Cichlid Man: I don't think he died from loneliness. He had NTD which is 100% mortality rate.


----------



## mlefev (Apr 19, 2005)

Yeah, he was really sick when I pulled him out. I actually thought he would die that day. They won't be coming from the same store this time, because it's about 9 hours away from here...hehe. 

How many should I get...my tank is pretty close to fully stocked, but the water parameters are still perfect. Right now I have the 1 clown pleco, 2 platies, 2 tetras (grr) and 3 zebra danios. 

I was thinking I should get 1 neon tetra, but do you think 2 would be better?

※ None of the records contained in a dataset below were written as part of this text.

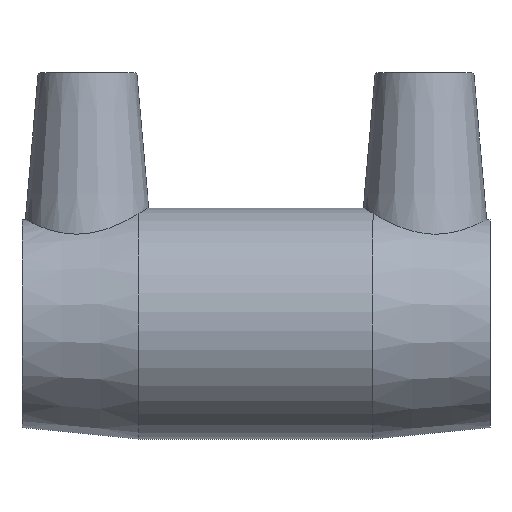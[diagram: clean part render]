
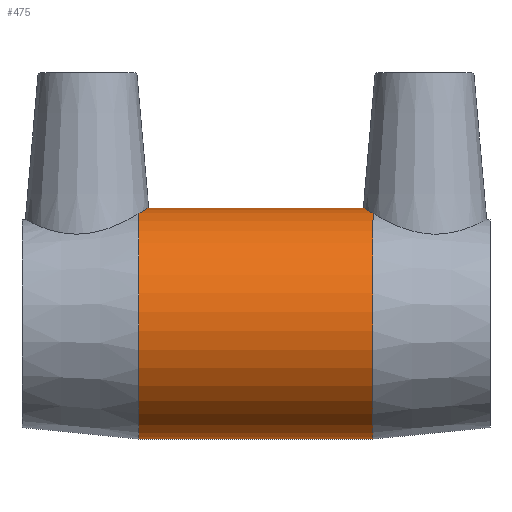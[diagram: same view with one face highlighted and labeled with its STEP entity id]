
A CAD part, top view. The second image highlights one B-rep face of the part: STEP entity #475.
In plain terms, the highlighted cylindrical face has radius 17.526 mm (diameter 35.052 mm), a full revolution.
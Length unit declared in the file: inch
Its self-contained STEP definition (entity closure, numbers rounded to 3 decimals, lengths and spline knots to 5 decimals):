
#47=LINE('',#902,#63);
#63=VECTOR('',#649,0.69);
#77=CYLINDRICAL_SURFACE('',#537,0.69);
#97=FACE_OUTER_BOUND('',#131,.T.);
#131=EDGE_LOOP('',(#357,#358,#359,#360,#361,#362,#363,#364));
#163=CIRCLE('',#533,0.69);
#164=CIRCLE('',#536,0.69);
#165=CIRCLE('',#538,0.69);
#166=CIRCLE('',#539,0.69);
#167=CIRCLE('',#540,0.69);
#168=CIRCLE('',#541,0.69);
#207=VERTEX_POINT('',#785);
#210=VERTEX_POINT('',#810);
#211=VERTEX_POINT('',#843);
#213=VERTEX_POINT('',#853);
#215=VERTEX_POINT('',#899);
#216=VERTEX_POINT('',#901);
#264=EDGE_CURVE('',#210,#207,#163,.T.);
#270=EDGE_CURVE('',#213,#211,#164,.T.);
#271=EDGE_CURVE('',#215,#210,#165,.T.);
#272=EDGE_CURVE('',#215,#216,#47,.T.);
#273=EDGE_CURVE('',#216,#213,#166,.T.);
#274=EDGE_CURVE('',#211,#216,#167,.T.);
#275=EDGE_CURVE('',#207,#215,#168,.T.);
#357=ORIENTED_EDGE('',*,*,#264,.F.);
#358=ORIENTED_EDGE('',*,*,#271,.F.);
#359=ORIENTED_EDGE('',*,*,#272,.T.);
#360=ORIENTED_EDGE('',*,*,#273,.T.);
#361=ORIENTED_EDGE('',*,*,#270,.T.);
#362=ORIENTED_EDGE('',*,*,#274,.T.);
#363=ORIENTED_EDGE('',*,*,#272,.F.);
#364=ORIENTED_EDGE('',*,*,#275,.F.);
#475=ADVANCED_FACE('',(#97),#77,.T.);
#533=AXIS2_PLACEMENT_3D('',#841,#636,#637);
#536=AXIS2_PLACEMENT_3D('',#897,#643,#644);
#537=AXIS2_PLACEMENT_3D('',#898,#645,#646);
#538=AXIS2_PLACEMENT_3D('',#900,#647,#648);
#539=AXIS2_PLACEMENT_3D('',#903,#650,#651);
#540=AXIS2_PLACEMENT_3D('',#904,#652,#653);
#541=AXIS2_PLACEMENT_3D('',#905,#654,#655);
#636=DIRECTION('center_axis',(1.,0.,0.));
#637=DIRECTION('ref_axis',(0.,0.,-1.));
#643=DIRECTION('center_axis',(1.,0.,0.));
#644=DIRECTION('ref_axis',(0.,0.,-1.));
#645=DIRECTION('center_axis',(1.,0.,0.));
#646=DIRECTION('ref_axis',(0.,1.,0.));
#647=DIRECTION('center_axis',(1.,0.,0.));
#648=DIRECTION('ref_axis',(0.,0.,-1.));
#649=DIRECTION('',(-1.,0.,0.));
#650=DIRECTION('center_axis',(1.,0.,0.));
#651=DIRECTION('ref_axis',(0.,0.,-1.));
#652=DIRECTION('center_axis',(1.,0.,0.));
#653=DIRECTION('ref_axis',(0.,0.,-1.));
#654=DIRECTION('center_axis',(1.,0.,0.));
#655=DIRECTION('ref_axis',(0.,0.,-1.));
#785=CARTESIAN_POINT('',(0.7,0.6595,0.20287));
#810=CARTESIAN_POINT('',(0.7,0.6595,-0.20287));
#841=CARTESIAN_POINT('Origin',(0.7,0.,0.));
#843=CARTESIAN_POINT('',(-0.7,0.6595,0.20287));
#853=CARTESIAN_POINT('',(-0.7,0.6595,-0.20287));
#897=CARTESIAN_POINT('Origin',(-0.7,0.,0.));
#898=CARTESIAN_POINT('Origin',(0.,0.,0.));
#899=CARTESIAN_POINT('',(0.7,-0.69,0.));
#900=CARTESIAN_POINT('Origin',(0.7,0.,0.));
#901=CARTESIAN_POINT('',(-0.7,-0.69,0.));
#902=CARTESIAN_POINT('',(0.,-0.69,0.));
#903=CARTESIAN_POINT('Origin',(-0.7,0.,0.));
#904=CARTESIAN_POINT('Origin',(-0.7,0.,0.));
#905=CARTESIAN_POINT('Origin',(0.7,0.,0.));
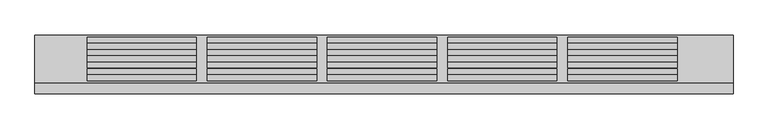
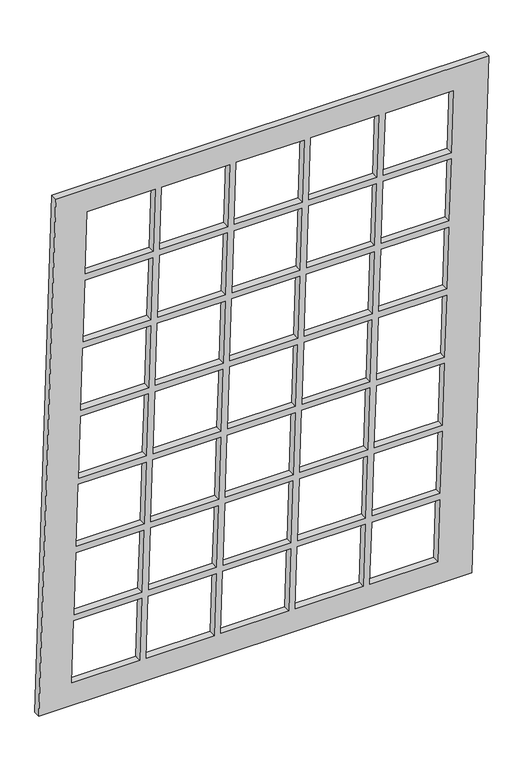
"""IFC4 building model written with IfcOpenShell, lengths in millimetres: furniture geometry, Kletteranlage : Kletteranlage."""

import ifcopenshell
import ifcopenshell.guid

model = None  # the IFC model being written
_history = None  # IfcOwnerHistory: only IFC2X3 demands one
_inside = {}  # id of a spatial element -> (the spatial element, [elements in it])
_under = {}  # id of a project, library or spatial element -> (it, [spatial elements below it])
_declared = {}  # id of a project -> (the project, [libraries it declares])
_typed = {}  # id of a type object -> (the type object, [elements of that type])
_made_of = {}  # id of a material, layer set ... -> (it, [elements and type objects made of it])


def new_model(schema):
    """Start an empty IFC model of exactly this schema.

    Asked for "IFC4X3", IfcOpenShell would pick the latest addendum, in which some entities
    have other attributes; the version numbers below select the first issue.
    IFC2X3 requires an IfcOwnerHistory on every rooted entity: one is made here for all.
    """
    global model, _history
    if schema == "IFC4X3":
        model = ifcopenshell.file(schema_version=(4, 3, 0, 0))
    else:
        model = ifcopenshell.file(schema=schema)
    _inside.clear()
    _under.clear()
    _declared.clear()
    _typed.clear()
    _made_of.clear()
    _history = None
    if model.schema == "IFC2X3":
        org = make("IfcOrganization", Name="unknown")
        user = make(
            "IfcPersonAndOrganization",
            ThePerson=make("IfcPerson", FamilyName="unknown"),
            TheOrganization=org,
        )
        app = make(
            "IfcApplication",
            ApplicationDeveloper=org,
            Version="unknown",
            ApplicationFullName="unknown",
            ApplicationIdentifier="unknown",
        )
        _history = make(
            "IfcOwnerHistory",
            OwningUser=user,
            OwningApplication=app,
            ChangeAction="ADDED",
            CreationDate=0,
        )
    return model


def make(cls, **values):
    """One entity of the class cls with the attributes given. An attribute that is None is left unset."""
    return model.create_entity(
        cls, **{name: value for name, value in values.items() if value is not None}
    )


def rooted(cls, **values):
    """An entity with a GlobalId (a new one), such as an element, a storey or a relation."""
    return make(cls, GlobalId=ifcopenshell.guid.new(), OwnerHistory=_history, **values)


def si_unit(unit_type, name, prefix=None):
    """IfcSIUnit, for example si_unit("LENGTHUNIT", "METRE", prefix="MILLI")."""
    return make("IfcSIUnit", UnitType=unit_type, Prefix=prefix, Name=name)


def assignment(units):
    """IfcUnitAssignment: the units of a project."""
    return None if units is None else make("IfcUnitAssignment", Units=units)


def point(xyz):
    """IfcCartesianPoint."""
    return None if xyz is None else make("IfcCartesianPoint", Coordinates=xyz)


def direction(xyz):
    """IfcDirection."""
    return None if xyz is None else make("IfcDirection", DirectionRatios=xyz)


def frame(location, z_axis=None, x_axis=None):
    """IfcAxis2Placement3D, a coordinate frame: its origin and axes. An axis left out is left unset."""
    return make(
        "IfcAxis2Placement3D",
        Location=point(location),
        Axis=direction(z_axis),
        RefDirection=direction(x_axis),
    )


def origin():
    """The frame at (0, 0, 0) with its axes left unset."""
    return frame((0.0, 0.0, 0.0))


def place(relative_to, where):
    """IfcLocalPlacement: puts the frame where relative to a parent placement (None: the world)."""
    return make(
        "IfcLocalPlacement", PlacementRelTo=relative_to, RelativePlacement=where
    )


def context(
    kind, dimensions, precision=None, world=None, true_north=None, identifier=None
):
    """IfcGeometricRepresentationContext, for example the 3D "Model" context."""
    return make(
        "IfcGeometricRepresentationContext",
        ContextIdentifier=identifier,
        ContextType=kind,
        CoordinateSpaceDimension=dimensions,
        Precision=precision,
        WorldCoordinateSystem=world,
        TrueNorth=true_north,
    )


def project(units=None, contexts=None):
    """IfcProject with its units and contexts."""
    return rooted(
        "IfcProject",
        Name="project",
        RepresentationContexts=contexts,
        UnitsInContext=assignment(units),
    )


def spatial(cls, under=None, at=None, **own):
    """A site, building, storey or space (cls), placed at a placement, below another one or the project."""
    s = rooted(cls, ObjectPlacement=at, **own)
    if under is not None:
        _under.setdefault(under.id(), (under, []))[1].append(s)
    return s


def faces_of(points, faces, orient=None, outer=None):
    """IfcFace entities. A face is a list of loops; a loop is a list of indices into points, from 0.

    orient and outer hold one flag for each loop. By default every Orientation is true, the
    first loop of a face is its IfcFaceOuterBound and the others are IfcFaceBound.
    """
    made = []
    for i, loops in enumerate(faces):
        bounds = []
        for j, loop in enumerate(loops):
            is_outer = j == 0 if outer is None else outer[i][j]
            bounds.append(
                make(
                    "IfcFaceOuterBound" if is_outer else "IfcFaceBound",
                    Bound=make("IfcPolyLoop", Polygon=[points[k] for k in loop]),
                    Orientation=True if orient is None else orient[i][j],
                )
            )
        made.append(make("IfcFace", Bounds=bounds))
    return made


def faceted_brep(points, faces, orient=None, outer=None, voids=None):
    """IfcFacetedBrep: a solid bounded by flat faces; with voids (closed shells), ...WithVoids."""
    shared = [point(p) for p in points]
    hull = make("IfcClosedShell", CfsFaces=faces_of(shared, faces, orient, outer))
    if voids is None:
        return make("IfcFacetedBrep", Outer=hull)
    return make(
        "IfcFacetedBrepWithVoids",
        Outer=hull,
        Voids=[
            make(cls, CfsFaces=faces_of(shared, fs, o, b)) for cls, fs, o, b in voids
        ],
    )


def shape(context_of_items, identifier, shape_type, items):
    """IfcShapeRepresentation: the items that make up one representation, for example the "Body"."""
    return make(
        "IfcShapeRepresentation",
        ContextOfItems=context_of_items,
        RepresentationIdentifier=identifier,
        RepresentationType=shape_type,
        Items=items,
    )


def source(mapping_origin, context_of_items, identifier, shape_type, items):
    """IfcRepresentationMap: a shape defined once, which mapped items show again and again."""
    return make(
        "IfcRepresentationMap",
        MappingOrigin=mapping_origin,
        MappedRepresentation=shape(context_of_items, identifier, shape_type, items),
    )


def transform(
    local_origin,
    x_axis=None,
    y_axis=None,
    z_axis=None,
    scale=None,
    scale2=None,
    scale3=None,
    uniform=True,
):
    """IfcCartesianTransformationOperator3D, or its non-uniform kind. x_axis, y_axis, z_axis: its Axis1, 2, 3."""
    if uniform:
        return make(
            "IfcCartesianTransformationOperator3D",
            Axis1=direction(x_axis),
            Axis2=direction(y_axis),
            LocalOrigin=point(local_origin),
            Scale=scale,
            Axis3=direction(z_axis),
        )
    return make(
        "IfcCartesianTransformationOperator3DnonUniform",
        Axis1=direction(x_axis),
        Axis2=direction(y_axis),
        LocalOrigin=point(local_origin),
        Scale=scale,
        Axis3=direction(z_axis),
        Scale2=scale2,
        Scale3=scale3,
    )


def mapped(mapping_source, mapping_target):
    """IfcMappedItem: shows the shape of a source again, moved by a transform."""
    return make(
        "IfcMappedItem", MappingSource=mapping_source, MappingTarget=mapping_target
    )


def made_of(thing, what):
    """Note that an element or type object is made of a material, layer set ...; save() writes the relation."""
    if what is not None:
        _made_of.setdefault(what.id(), (what, []))[1].append(thing)
    return thing


def element(
    cls,
    number,
    at=None,
    inside=None,
    cuts=None,
    type_object=None,
    material=None,
    context=None,
    identifier="Body",
    shape_type=None,
    held_by="IfcProductDefinitionShape",
    body=None,
    shapes=None,
    **own,
):
    """One element of the class cls, such as IfcWall. Its Tag is "e" and its number.

    at: its placement. inside: the storey or other place that contains it. cuts: it is an
    opening in that element (IfcRelVoidsElement). A single representation is given by context,
    identifier, shape_type and body (its items); several are given by shapes. held_by: the class
    of the entity that holds the representations. save() writes the other relations.
    """
    e = rooted(cls, Tag="e%d" % number, ObjectPlacement=at, **own)
    if body is not None:
        shapes = [shape(context, identifier, shape_type, body)]
    if shapes is not None:
        e.Representation = make(held_by, Representations=shapes)
    if inside is not None:
        _inside.setdefault(inside.id(), (inside, []))[1].append(e)
    if cuts is not None:
        rooted(
            "IfcRelVoidsElement", RelatingBuildingElement=cuts, RelatedOpeningElement=e
        )
    if type_object is not None:
        _typed.setdefault(type_object.id(), (type_object, []))[1].append(e)
    return made_of(e, material)


def aggregate(whole, parts):
    """IfcRelAggregates: a whole, such as a stair, and the parts it consists of."""
    return rooted("IfcRelAggregates", RelatingObject=whole, RelatedObjects=parts)


def save(model, path):
    """Write the relations noted so far, then the file.

    IfcRelAggregates (storeys below a building ...), IfcRelContainedInSpatialStructure (elements
    in a storey), IfcRelDefinesByType, IfcRelAssociatesMaterial and IfcRelDeclares: one each for
    every whole, place, type object, material and project.
    """
    for whole, parts in _under.values():
        aggregate(whole, parts)
    for where, things in _inside.values():
        rooted(
            "IfcRelContainedInSpatialStructure",
            RelatedElements=things,
            RelatingStructure=where,
        )
    for kind, things in _typed.values():
        rooted("IfcRelDefinesByType", RelatedObjects=things, RelatingType=kind)
    for what, things in _made_of.values():
        rooted("IfcRelAssociatesMaterial", RelatedObjects=things, RelatingMaterial=what)
    for by, libraries in _declared.values():
        rooted("IfcRelDeclares", RelatingContext=by, RelatedDefinitions=libraries)
    model.write(path)


def furniture_e2d0ad92(model_context):
    return source(origin(), model_context, "Body", "Brep", [
        faceted_brep([(-958.8409407, -268.0468951, 2520.0), (957.5253808, -268.0468951, 2520.0), (957.5253808, -238.0057247, 2520.0), (-958.8409407, -238.0057247, 2520.0), (957.5253808, -137.0274469, 20.0), (-958.8409407, -137.0274469, 20.0), (-958.8409407, -106.9862765, 20.0), (957.5253808, -106.9862765, 20.0), (-815.8409407, -262.1029837, 2406.5834134), (-515.8409407, -262.1029837, 2406.5834134), (-515.8409407, -246.4021968, 2106.994553), (-815.8409407, -246.4021968, 2106.994553), (-485.8409407, -262.1029837, 2406.5834134), (-185.8409407, -262.1029837, 2406.5834134), (-185.8409407, -246.4021968, 2106.994553), (-485.8409407, -246.4021968, 2106.994553), (-155.8409407, -262.1029837, 2406.5834134), (144.1590593, -262.1029837, 2406.5834134), (144.1590593, -246.4021968, 2106.994553), (-155.8409407, -246.4021968, 2106.994553), (174.1590593, -262.1029837, 2406.5834134), (474.1590593, -262.1029837, 2406.5834134), (474.1590593, -246.4021968, 2106.994553), (174.1590593, -246.4021968, 2106.994553), (504.1590593, -262.1029837, 2406.5834134), (804.1590593, -262.1029837, 2406.5834134), (804.1590593, -246.4021968, 2106.994553), (504.1590593, -246.4021968, 2106.994553), (-815.8409407, -244.8321181, 2077.035667), (-515.8409407, -244.8321181, 2077.035667), (-515.8409407, -229.1313313, 1777.4468065), (-815.8409407, -229.1313313, 1777.4468065), (-485.8409407, -244.8321181, 2077.035667), (-185.8409407, -244.8321181, 2077.035667), (-185.8409407, -229.1313313, 1777.4468065), (-485.8409407, -229.1313313, 1777.4468065), (-155.8409407, -244.8321181, 2077.035667), (144.1590593, -244.8321181, 2077.035667), (144.1590593, -229.1313313, 1777.4468065), (-155.8409407, -229.1313313, 1777.4468065), (174.1590593, -244.8321181, 2077.035667), (474.1590593, -244.8321181, 2077.035667), (474.1590593, -229.1313313, 1777.4468065), (174.1590593, -229.1313313, 1777.4468065), (504.1590593, -244.8321181, 2077.035667), (804.1590593, -244.8321181, 2077.035667), (804.1590593, -229.1313313, 1777.4468065), (504.1590593, -229.1313313, 1777.4468065), (-815.8409407, -227.5612526, 1747.4879205), (-515.8409407, -227.5612526, 1747.4879205), (-515.8409407, -211.8604657, 1447.8990601), (-815.8409407, -211.8604657, 1447.8990601), (-485.8409407, -227.5612526, 1747.4879205), (-185.8409407, -227.5612526, 1747.4879205), (-185.8409407, -211.8604657, 1447.8990601), (-485.8409407, -211.8604657, 1447.8990601), (-155.8409407, -227.5612526, 1747.4879205), (144.1590593, -227.5612526, 1747.4879205), (144.1590593, -211.8604657, 1447.8990601), (-155.8409407, -211.8604657, 1447.8990601), (174.1590593, -227.5612526, 1747.4879205), (474.1590593, -227.5612526, 1747.4879205), (474.1590593, -211.8604657, 1447.8990601), (174.1590593, -211.8604657, 1447.8990601), (504.1590593, -227.5612526, 1747.4879205), (804.1590593, -227.5612526, 1747.4879205), (804.1590593, -211.8604657, 1447.8990601), (504.1590593, -211.8604657, 1447.8990601), (-815.8409407, -210.290387, 1417.940174), (-515.8409407, -210.290387, 1417.940174), (-515.8409407, -194.5896001, 1118.3513136), (-815.8409407, -194.5896001, 1118.3513136), (-485.8409407, -210.290387, 1417.940174), (-185.8409407, -210.290387, 1417.940174), (-185.8409407, -194.5896001, 1118.3513136), (-485.8409407, -194.5896001, 1118.3513136), (-155.8409407, -210.290387, 1417.940174), (144.1590593, -210.290387, 1417.940174), (144.1590593, -194.5896001, 1118.3513136), (-155.8409407, -194.5896001, 1118.3513136), (174.1590593, -210.290387, 1417.940174), (474.1590593, -210.290387, 1417.940174), (474.1590593, -194.5896001, 1118.3513136), (174.1590593, -194.5896001, 1118.3513136), (504.1590593, -210.290387, 1417.940174), (804.1590593, -210.290387, 1417.940174), (804.1590593, -194.5896001, 1118.3513136), (504.1590593, -194.5896001, 1118.3513136), (-815.8409407, -193.0195215, 1088.3924275), (-515.8409407, -193.0195215, 1088.3924275), (-515.8409407, -177.3187346, 788.8035671), (-815.8409407, -177.3187346, 788.8035671), (-485.8409407, -193.0195215, 1088.3924275), (-185.8409407, -193.0195215, 1088.3924275), (-185.8409407, -177.3187346, 788.8035671), (-485.8409407, -177.3187346, 788.8035671), (-155.8409407, -193.0195215, 1088.3924275), (144.1590593, -193.0195215, 1088.3924275), (144.1590593, -177.3187346, 788.8035671), (-155.8409407, -177.3187346, 788.8035671), (174.1590593, -193.0195215, 1088.3924275), (474.1590593, -193.0195215, 1088.3924275), (474.1590593, -177.3187346, 788.8035671), (174.1590593, -177.3187346, 788.8035671), (504.1590593, -193.0195215, 1088.3924275), (804.1590593, -193.0195215, 1088.3924275), (804.1590593, -177.3187346, 788.8035671), (504.1590593, -177.3187346, 788.8035671), (-815.8409407, -175.7486559, 758.8446811), (-515.8409407, -175.7486559, 758.8446811), (-515.8409407, -160.047869, 459.2558206), (-815.8409407, -160.047869, 459.2558206), (-485.8409407, -175.7486559, 758.8446811), (-185.8409407, -175.7486559, 758.8446811), (-185.8409407, -160.047869, 459.2558206), (-485.8409407, -160.047869, 459.2558206), (-155.8409407, -175.7486559, 758.8446811), (144.1590593, -175.7486559, 758.8446811), (144.1590593, -160.047869, 459.2558206), (-155.8409407, -160.047869, 459.2558206), (174.1590593, -175.7486559, 758.8446811), (474.1590593, -175.7486559, 758.8446811), (474.1590593, -160.047869, 459.2558206), (174.1590593, -160.047869, 459.2558206), (504.1590593, -175.7486559, 758.8446811), (804.1590593, -175.7486559, 758.8446811), (804.1590593, -160.047869, 459.2558206), (504.1590593, -160.047869, 459.2558206), (-815.8409407, -158.4777903, 429.2969346), (-515.8409407, -158.4777903, 429.2969346), (-515.8409407, -142.7770035, 129.7080742), (-815.8409407, -142.7770035, 129.7080742), (-485.8409407, -158.4777903, 429.2969346), (-185.8409407, -158.4777903, 429.2969346), (-185.8409407, -142.7770035, 129.7080742), (-485.8409407, -142.7770035, 129.7080742), (-155.8409407, -158.4777903, 429.2969346), (144.1590593, -158.4777903, 429.2969346), (144.1590593, -142.7770035, 129.7080742), (-155.8409407, -142.7770035, 129.7080742), (174.1590593, -158.4777903, 429.2969346), (474.1590593, -158.4777903, 429.2969346), (474.1590593, -142.7770035, 129.7080742), (174.1590593, -142.7770035, 129.7080742), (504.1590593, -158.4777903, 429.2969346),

I don't want to overload the tank...but I know tetras like being in larger groups.


----------



## awesome kid (Jun 10, 2005)

personally i would go with 2 because neons dont produce alot of waste compared with other fish. also, is your tank planted? if it is i would definitly go with 2, if not its really a coin flip in my opinion, heads for 2 tails for 1 (jk)


----------



## mlefev (Apr 19, 2005)

It is planted. I have about 20 one-foot long pieces of anarchis growing in there right now. Lol, it's getting so plentiful that I may actually have to start tossing some. 

I would like to go with two tetras. They're so pretty, and these 2 are a little lonely with out their old pal.


----------